I have a doorway in my house where there are three different hairline cracks on different corners. I taped one (fiberglass), only mudded one, and filled with a bead of caulk and wiped clean on another. There are all still visible and the taped one looks the worst because as it moves slightly with the seasons, it has puckered the mesh tape out. The mud only crack has returned as a normal hairline crack. The caulked one looks the best, you can still see the crack if you look close but it has not re-opened.


----------



## evgeni (Feb 4, 2010)

Dave Mac said:


> I have used all types of tapes for sheetrock cracks, and it seems to me if they are going to recrack, it really doesnt matter what type of tape you use. So why bother using any tape at all????? what are your thoughts??
> 
> thanks
> dave


hi, guys! I need some help. don't know how to use the forum, so I apologize for any misunderstandings!
here is the trouble: yesterday I sprayed varnish with a gun. it came out very well. today I sprayed again, but hundreds of little bubbles entered the layer. I changed nothing, everything the same as it was yesterday. what could be the problem today?
thanks!
evgeni


----------



## evgeni (Feb 4, 2010)

*troubles with air spraying with a gravity gun*

hi, guys! I need some help. don't know how to use the forum, so I apologize for any misunderstandings!
here is the trouble: yesterday I sprayed varnish with a gun. it came out very well. today I sprayed again, but hundreds of little bubbles entered the layer. I changed nothing, everything the same as it was yesterday. what could be the problem today?
thanks!
evgeni


----------



## johnpaint (Sep 20, 2008)

Mods?


----------



## Woody (Jan 7, 2010)

Use Durobond on small cracks... They have products that dry, at different times (5min, 20 min, 45 min.,... )
Do use tap..it is the right thing to do !

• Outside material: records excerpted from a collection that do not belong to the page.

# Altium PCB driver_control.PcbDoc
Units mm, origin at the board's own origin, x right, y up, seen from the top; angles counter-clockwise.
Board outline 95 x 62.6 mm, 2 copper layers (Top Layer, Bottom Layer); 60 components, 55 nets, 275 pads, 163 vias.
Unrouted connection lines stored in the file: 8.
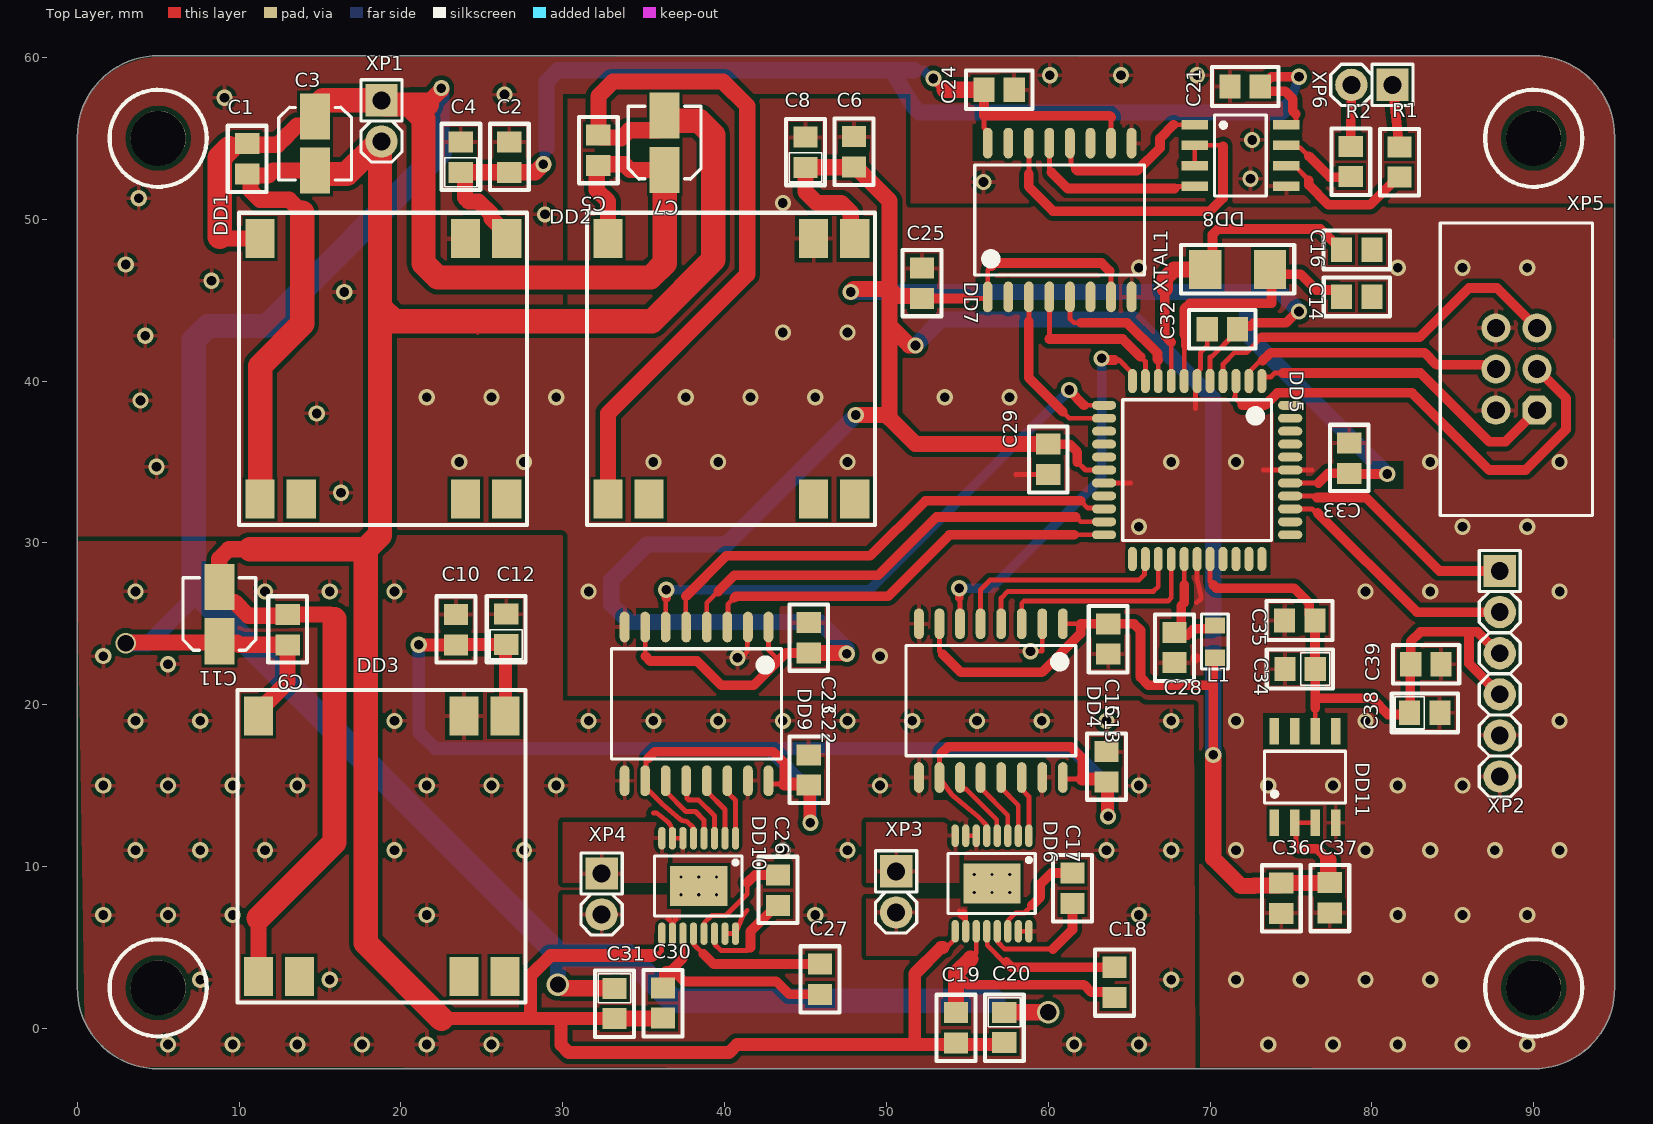
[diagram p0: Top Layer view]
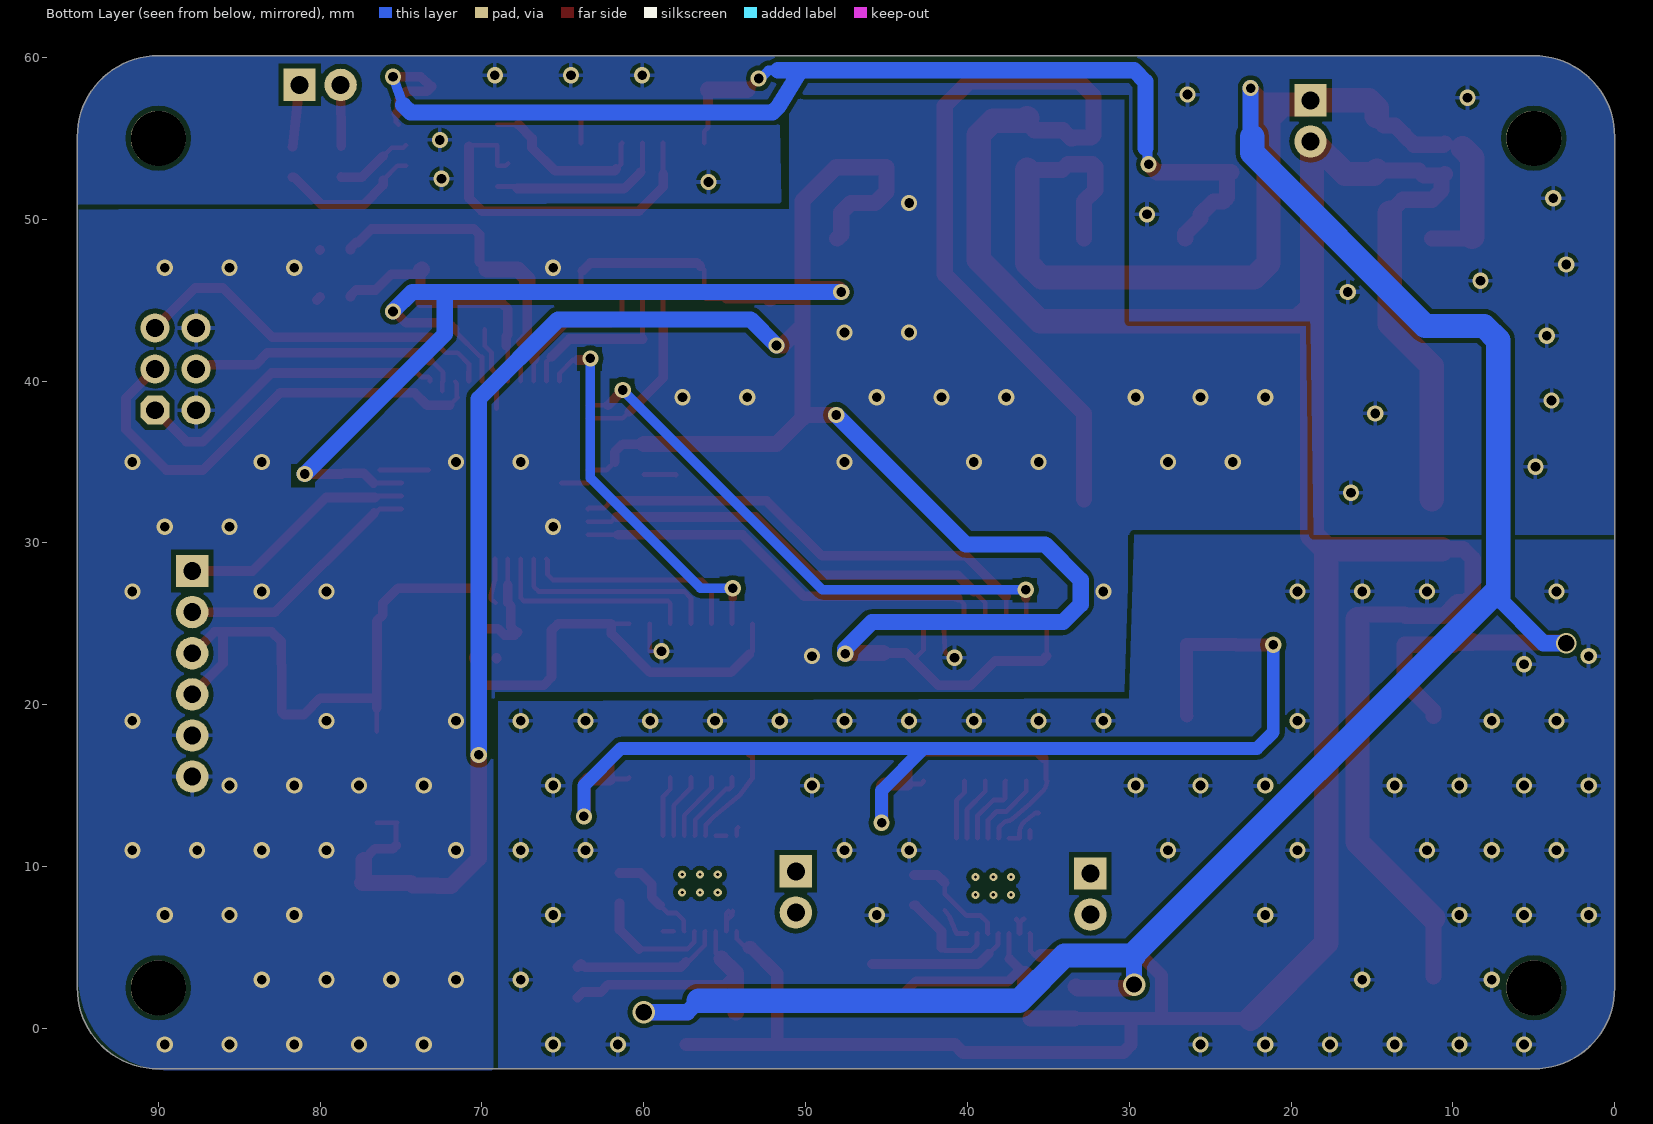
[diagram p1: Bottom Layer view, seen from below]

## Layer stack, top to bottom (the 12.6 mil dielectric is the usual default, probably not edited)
Top Solder: solder mask 0.0102, Solder Resist, Dk 3.5
Top Layer: signal copper 0.0356
Dielectric 1: dielectric 0.32, FR-4, Dk 4.8
Bottom Layer: signal copper 0.0356
Bottom Solder: solder mask 0.0102, Solder Resist, Dk 3.5

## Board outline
0,2.5 0,55.1 cw(c5,55.1) 5,60.1 4.9,60.1 89.9,60.1 90,60.1 cw(c90,55.1) 95,55.1 95,2.4 95,2.5 cw(c90,2.5) 90,-2.5 90.1,-2.5 5,-2.5 cw(c5,2.5)

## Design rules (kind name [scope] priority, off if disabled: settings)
Clearance [All] p1: gap=0.3 ignorepadtopadclearanceinfootprint=FALSE except(0.2: Arc-SMDPad Track-SMDPad SMDPad-SMDPad SMDPad-THPad SMDPad-Via SMDPad-Fill SMDPad-Poly SMDPad-Region SMDPad-Text SMDPad-Hole)
HoleSize [All] p1: absolutevalues=TRUE maxlimit=5 minlimit=0.5 maxpercent=80.000 minpercent=20.000
HoleToHoleClearance [All] p1: gap=0.3 allowstackedmicrovias=TRUE
PolygonConnect [All] p1: connectstyle=Relief reliefconductorwidth=0.254 reliefentries=4 polygonreliefangle="90 Angle" airgapwidth=0.254
RoutingVias [All] p1: holewidth=0.6 width=1 viastyle="Through Hole" minholewidth=0.6 minwidth=1 maxholewidth=0.6 maxwidth=1
ShortCircuit [All] p1: allowed=TRUE
SilkToSilkClearance [All] p1: silktosilkclearance=0.2
SilkToSolderMaskClearance [IsPad] p1: minsilkscreentomaskgap=0.2 clearancetoexposedcopper=TRUE
SolderMaskExpansion [All] p1: expansion=0.102 istentingtop=FALSE
Width [All] p1: maxlimit=4 minlimit=0.2 preferedwidth=0.3
25 further rules are at their usual default settings.

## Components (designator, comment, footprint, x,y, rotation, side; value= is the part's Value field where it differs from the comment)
C1 "0.1мкФ" Capacitor_0805 10.5,54.675 r270 top
C2 "0.1мкФ" Capacitor_0805 26.7,52.9 r90 top
C3 "100мкФ" CAPAE4643X46M 14.7,56.35 r270 top
C4 "10мкФ" Capacitor_tant_0805 23.7,52.9 r90 top
C5 "0.1мкФ" Capacitor_0805 32.2,53.325 r90 top
C6 "0.1мкФ" Capacitor_0805 48,53.225 r90 top
C7 "100мкФ" CAPAE4643X46M 36.3,53.05 r90 top
C8 "10мкФ" Capacitor_tant_0805 45,53.2 r90 top
C9 "0.1мкФ" Capacitor_0805 13,23.7 r90 top
C10 "0.1мкФ" Capacitor_0805 23.4,23.7 r90 top
C11 "100мкФ" CAPAE4643X46M 8.783,23.92 r90 top
C12 "10мкФ" Capacitor_tant_0805 26.5,23.725 r90 top
C13 "0.1мкФ" Capacitor_0805 63.6,15.225 r90 top
C14 "22пкФ" Capacitor_0805 78.125,45.2 r0 top
C15 "0.1мкФ" Capacitor_0805 63.7,25 r270 top
C16 "22пкФ" Capacitor_0805 78.118,48.11 r0 top
C17 "22пкФ" Capacitor_0805 61.5,9.6 r270 top
C18 "0.1мкФ" Capacitor_0805 64.1,3.775 r270 top
C19 "0.1мкФ" Capacitor_0805 54.3,0.975 r270 top
C20 "1мкФ" Capacitor_tant_0805 57.288,0.987 r270 top
C21 "0.1мкФ" Capacitor_0805 71.225,58.2 r0 top
C22 "0.1мкФ" Capacitor_0805 45.2,15.025 r90 top
C23 "0.1мкФ" Capacitor_0805 45.2,23.2 r90 top
C24 "0.1мкФ" Capacitor_0805 56.025,58 r0 top
C25 "0.1мкФ" Capacitor_0805 52.2,45.1 r90 top
C26 "22пкФ" Capacitor_0805 43.3,7.6 r90 top
C27 "0.1мкФ" Capacitor_0805 45.9,3.975 r270 top
C28 "0.1мкФ" Capacitor_0805 67.8,24.475 r270 top
C29 "0.1мкФ" Capacitor_0805 60,36.1 r270 top
C30 "0.1мкФ" Capacitor_0805 36.2,2.5 r270 top
C31 "1мкФ" Capacitor_tant_0805 33.2,2.475 r270 top
C32 "0.1мкФ" Capacitor_0805 71.7,43.2 r180 top
C33 "0.1мкФ" Capacitor_0805 78.6,34.3 r90 top
C34 "1мкФ" Capacitor_tant_0805 76.5,22.2 r180 top
C35 "0.1мкФ" Capacitor_0805 76.475,25.2 r180 top
C36 "10мкФ" Capacitor_0805 74.4,8.975 r270 top
C37 "0.1мкФ" Capacitor_0805 77.4,9 r270 top
C38 "1мкФ" Capacitor_tant_0805 82.325,19.5 r0 top
C39 "0.1мкФ" Capacitor_0805 82.4,22.5 r0 top
DD1 "TMR-1-2411SM" TMR1SM_SMD 11.3,32.7 r270 top
DD2 "TDR-2-2411SM" TMR1SM_SMD 32.8,32.7 r270 top
DD3 "TMR-1-2411SM" TMR1SM_SMD 11.2,3.2 r270 top
DD4 "ADuM1401" ADUM_SOIC 60.9,25 r270 top
DD5 "ATMEGA16-8UA" ATMEGA16-44A 73.2,40 r270 top
DD6 "DRV8874" DRV8874_TSOP127P600-8N 58.8,11.9 r270 top
DD7 "ADuM1301" ADUM_SOIC 56.26,45.2 r90 top
DD8 "ADM485" "SOIC_N8 (REF198, ADM485)" 69.05,55.84 r0 top
DD9 "ADuM1401" ADUM_SOIC 42.71,24.8 r270 top
DD10 "DRV8874" DRV8874_TSOP127P600-8N 40.675,11.75 r270 top
DD11 "REF198" "SOIC_N8 (REF198, ADM485)" 73.96,12.7 r90 top
L1 "Fixed inductor, 10мкГн, ±20%, 0805, 100mA, -55...+125°C" "IND: 0805" 70.3,23.9 r90 top value=10мкГн
R1 "120 Ом" resistor_0805 81.7,54.475 r270 top
R2 "120 Ом" resistor_0805 78.7,54.5 r270 top
XP1 "PLS-2" "CON: PLS-2" 18.796,56.074 r270 top
XP2 "Connector, 6pin, 2.54mm, 500VAC, 3A" "CON: PLS-6" 87.9,21.91 r270 top
XP3 "PLS-2" "CON: PLS-2" 50.6,8.43 r270 top
XP4 "PLS-2" "CON: PLS-2" 32.4,8.3 r270 top
XP5 "Connector, 6pin, 2.54mm, 500VAC, 3A" "CON: IDC-6MS" 88.93,40.74 r90 top
XP6 "PLS-2" "CON: PLS-2" 80,58.3 r180 top
XTAL1 "8Мгц" Z_0503 69.7,46.9 r0 top

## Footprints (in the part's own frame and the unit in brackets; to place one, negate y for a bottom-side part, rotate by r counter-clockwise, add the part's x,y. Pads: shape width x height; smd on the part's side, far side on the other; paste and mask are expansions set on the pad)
ADUM_SOIC [mm]
  oval 1.9x0.6 smd: 1(0,0) 2(0,-1.27) 3(0,-2.54) 4(0,-3.81) 5(0,-5.08) 6(0,-6.35) 7(0,-7.62) 8(0,-8.89) 9(9.5,-8.89) 10(9.5,-7.62) 11(9.5,-6.35) 12(9.5,-5.08) 13(9.5,-3.81) 14(9.5,-2.54) 15(9.5,-1.27) 16(9.5,0)
  silkscreen extent 1.35,-9.69 8.15,0.8
ATMEGA16-44A [mm]
  oval 1.5x0.55 smd: 1(0,0) 2(0,-0.8) 3(0,-1.6) 4(0,-2.4) 5(0,-3.2) 6(0,-4) 7(0,-4.8) 8(0,-5.6) 9(0,-6.4) 10(0,-7.2) 11(0,-8) 23(11,-8) 24(11,-7.2) 25(11,-6.4) 26(11,-5.6) 27(11,-4.8) 28(11,-4) 29(11,-3.2) 30(11,-2.4) 31(11,-1.6) 32(11,-0.8) 33(11,0)
  oval 0.55x1.5 smd: 12(1.5,-9.75) 13(2.3,-9.75) 14(3.1,-9.75) 15(3.9,-9.75) 16(4.7,-9.75) 17(5.5,-9.75) 18(6.3,-9.75) 19(7.1,-9.75) 20(7.9,-9.75) 21(8.7,-9.75) 22(9.5,-9.75) 34(9.5,1.75) 35(8.7,1.75) 36(7.9,1.75) 37(7.1,1.75) 38(6.3,1.75) 39(5.5,1.75) 40(4.7,1.75) 41(3.9,1.75) 42(3.1,1.75) 43(2.3,1.75) 44(1.5,1.75)
  silkscreen extent 1.15,-8.6 9.85,0.6, body extent 1.15,-8.6 9.85,0.6, height 1.2
Capacitor_0805 [mm]
  rect 1.3x1.5 smd: 1(0,0) 2(1.875,0)
  silkscreen extent -1.1,-1.2 3,1.2
Capacitor_tant_0805 [mm]
  rect 1.3x1.5 smd: 1(0,0) 2(1.875,0)
  silkscreen extent -1.1,-1.2 3,1.2
CAPAE4643X46M [mm] "Aluminum Electrolytic Capacitor, Body 4,30x4,30x4,60mm, IPC Low Density"
  rect 2.85x1.85 smd: 1(0,0) 2(3.35,0)
  silkscreen extent -0.57,-2.25 3.93,2.25
"CON: IDC-6MS" [mm] "IDC-6MS 6 pin PCB-mount connector"
  oct 1.8x1.8 hole 1.1: 1(-2.54,-1.27)
  round 1.8 hole 1.1: 2(-2.54,1.27) 3(0,-1.27) 4(0,1.27) 5(2.54,-1.27) 6(2.54,1.27)
  round 0.5 on Top Overlay: ""(-9.6,-4.5)
  round 0.5 on Mech1: ""(-8.4,-4)
  silkscreen extent -9.05,-4.7 9.03,4.7, body extent -8.89,-4.55 8.87,4.55, height 9
"CON: PLS-2" [mm]
  rect 2x2 hole 1.1: 1(-1.27,0)
  round 2 hole 1.1: 2(1.27,0)
  silkscreen extent -2.54,-1.27 2.54,1.27, body extent -2.57,-1.28 2.51,1.26, height 8.54
"CON: PLS-6" [mm]
  rect 2x2 hole 1.1: 1(-6.35,0)
  round 2 hole 1.1: 2(-3.81,0) 3(-1.27,0) 4(1.27,0) 5(3.81,0) 6(6.35,0)
  silkscreen extent -7.62,-1.27 7.62,1.27, body extent -7.62,-1.27 7.62,1.27, height 8.54
DRV8874_TSOP127P600-8N [mm]
  oval 1.4x0.45 smd: 1(0,0) 2(0,-0.65) 3(0,-1.3) 4(0,-1.95) 5(0,-2.6) 6(0,-3.25) 7(0,-3.9) 8(0,-4.55) 9(5.9,-4.55) 10(5.9,-3.9) 11(5.9,-3.25) 12(5.9,-2.6) 13(5.9,-1.95) 14(5.9,-1.3) 15(5.9,-0.65) 16(5.9,0)
  rect 2.46x3.55 smd: 17(2.95,-2.275)
  silkscreen extent 1.1,-5 4.8,0.4
"IND: 0805" [mm]
  rect 1x1.25 smd: 1(-1,0) 2(1,0)
  silkscreen extent -1.7,-0.82 1.7,0.82, body extent -1,-0.62 1,0.63, height 0.85
resistor_0805 [mm] "ЧИП-резистор типоразмера 0805"
  rect 1.3x1.5 smd: 0(0,0) 1(1.875,0)
  silkscreen extent -1.1,-1.2 3,1.2
"SOIC_N8 (REF198, ADM485)" [mm] "SOIC, 8-Leads, Body 4,90x3,90mm, Pitch 1,27mm, IPC Medium Density"
  rect 1.65x0.6 smd: 1(0,0) 2(0,-1.27) 3(0,-2.54) 4(0,-3.81) 5(5.65,-3.81) 6(5.65,-2.54) 7(5.65,-1.27) 8(5.65,0)
  silkscreen extent 1.22,-4.41 4.43,0.6
TMR1SM_SMD [mm]
  rect 2.4x1.8 smd: 1(0,0) 2(0,2.54) 6(0,12.7) 7(0,15.24) 8(-16.1,15.24) 9(-16.1,12.7) 14(-16.1,0)
  silkscreen extent -17.7,-1.3 1.6,16.5
Z_0503 [mm]
  rect 2x2.4 smd: 1(0,0) 2(4,0)
  silkscreen extent -1.5,-1.5 5.5,1.5

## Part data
C1 C2 C5 C6 C9 C10 C13 C14 C15 C16 C17 C18 C19 C21 C22 C23 C24 C25 C26 C27 C28 C29 C30 C32 C33 C35 C36 C37 C39: library part Capacity_0805
C3 C7 C11: library part Capacity_electrolity_polar_0805, "electrolity capacitor"
C4 C8 C12 C20 C31 C34 C38: library part Capacity_tantal_0805, "tanral capacitor"
DD5: library part ATMEGA16-44A
L1: library part Inductor_0805, Manufacturer="Murata Electronics", MaxCurrent=100mA, Package=0805, PartNumber=LQM21FN100M70L, Temperature=-55...+125°C, Tolerance=±20%, TypeInductor="Fixed inductor"
R1 R2: library part Resistor_0805
XP1 XP6: "https://www.chipdip.ru/product/wf-2r"
XP2: library part PLS-6, CurrentMax=3A, Manufacturer=Connfly, VoltageMax=500VAC
XP3 XP4: library part PLS-2-1
XP5: library part IDC-6, CurrentMax=3A, Manufacturer=Connfly, PartNumber=PLS-6, VoltageMax=500VAC
XTAL1: library part resonstor

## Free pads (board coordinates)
  round 3.4 hole 3.4 unplated: 5(5,55) 5(5,2.5) 5(90,2.5) 5(90,55)

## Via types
v1: diameter 1, hole 0.6, Top Layer to Bottom Layer, 148 vias
v2: diameter 0.5, hole 0.2, Top Layer to Bottom Layer, 12 vias
v3: diameter 1.4, hole 1, Top Layer to Bottom Layer, 2 vias
v4: diameter 1.27, hole 1, Top Layer to Bottom Layer, 1 vias

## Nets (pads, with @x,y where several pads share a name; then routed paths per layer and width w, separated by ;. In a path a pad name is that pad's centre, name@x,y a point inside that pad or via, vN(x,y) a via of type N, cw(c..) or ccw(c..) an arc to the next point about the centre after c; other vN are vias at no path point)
+5B: C6.1 C8.1 C15.1 C23.1 C25.1 C29.1 C32.1 C33.1 C36.1 C37.1 DD2.8 DD4.1 DD4.7 DD5.5 DD5.17 DD5.38 DD7.1 DD7.7 DD9.1 DD9.7 DD11.2 DD11.3 L1.1 | length 273
  Top Layer w0.3: DD9.7 35.1,24.79 35.1,23 ; DD9.1 42.71,23.39 43.35,22.75 ; DD4.7 53.28,23.32 53.5,23.1 ; 54.9,45.1 56.16,45.1 DD7.1 56.26,46.86 56.5,47.1 ; DD4.1 62,25 ; 61.8,35 62.3,34.5 DD5.17 ; 63.8,46.8 63.88,46.72 DD7.7 ; DD5.5 70,41.5 70.1,41.5 71.6,43 C32.1@71.6,43.3 ; DD5.38 76.7,33.7 ; 75.3,11.3 75.3,12.63 DD11.2 DD11.3
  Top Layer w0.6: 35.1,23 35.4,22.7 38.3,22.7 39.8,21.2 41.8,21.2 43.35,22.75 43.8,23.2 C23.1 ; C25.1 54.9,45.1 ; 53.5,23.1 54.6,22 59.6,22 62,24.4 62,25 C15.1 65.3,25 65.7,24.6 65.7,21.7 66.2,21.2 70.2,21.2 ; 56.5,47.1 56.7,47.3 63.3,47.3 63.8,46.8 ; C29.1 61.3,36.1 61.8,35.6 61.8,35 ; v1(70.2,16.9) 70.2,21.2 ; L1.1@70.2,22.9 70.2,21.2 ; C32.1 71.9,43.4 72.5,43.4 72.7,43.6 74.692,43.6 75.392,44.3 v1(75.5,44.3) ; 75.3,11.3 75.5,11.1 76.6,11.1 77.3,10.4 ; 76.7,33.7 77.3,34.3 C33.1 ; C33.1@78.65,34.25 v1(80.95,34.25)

It is a procces...It will take two, to three coats of "mud", to develop a great finish.

If you have no idea what I'm saying... ask a pro to give you an est.

Hopefully, I was kind and offered some good advice.



Stay Frosty


----------



## CApainter (Jun 29, 2007)

I also find that applying a fast drying primer, prior to tape and patching, helps reduce any future tape lifting. However, it will always crack if there is enough stress. 

As far as fiber glass verses paper tape, applying an adequate amount of mud under the tape helps secure it better. The old timers used to tell me to open up the crack even furthur to allow more mud to bridge the crack. With that said, I know better then to offer obvious suggestions to our professional members, so I must now return to obscurity in my fortress of solitude. Good day!


----------



## Tonyg (Dec 9, 2007)

This actually brings up a good question outside of standard or obvious procedures. Is their a joint compound or spackling of some type that is more 'elastic' than others? Something that would tolerate some joint movement to accommodate minor stress cracks?


----------



## CApainter (Jun 29, 2007)

Tonyg said:


> This actually brings up a good question outside of standard or obvious procedures. Is their a joint compound or spackling of some type that is more 'elastic' than others? Something that would tolerate some joint movement to accommodate minor stress cracks?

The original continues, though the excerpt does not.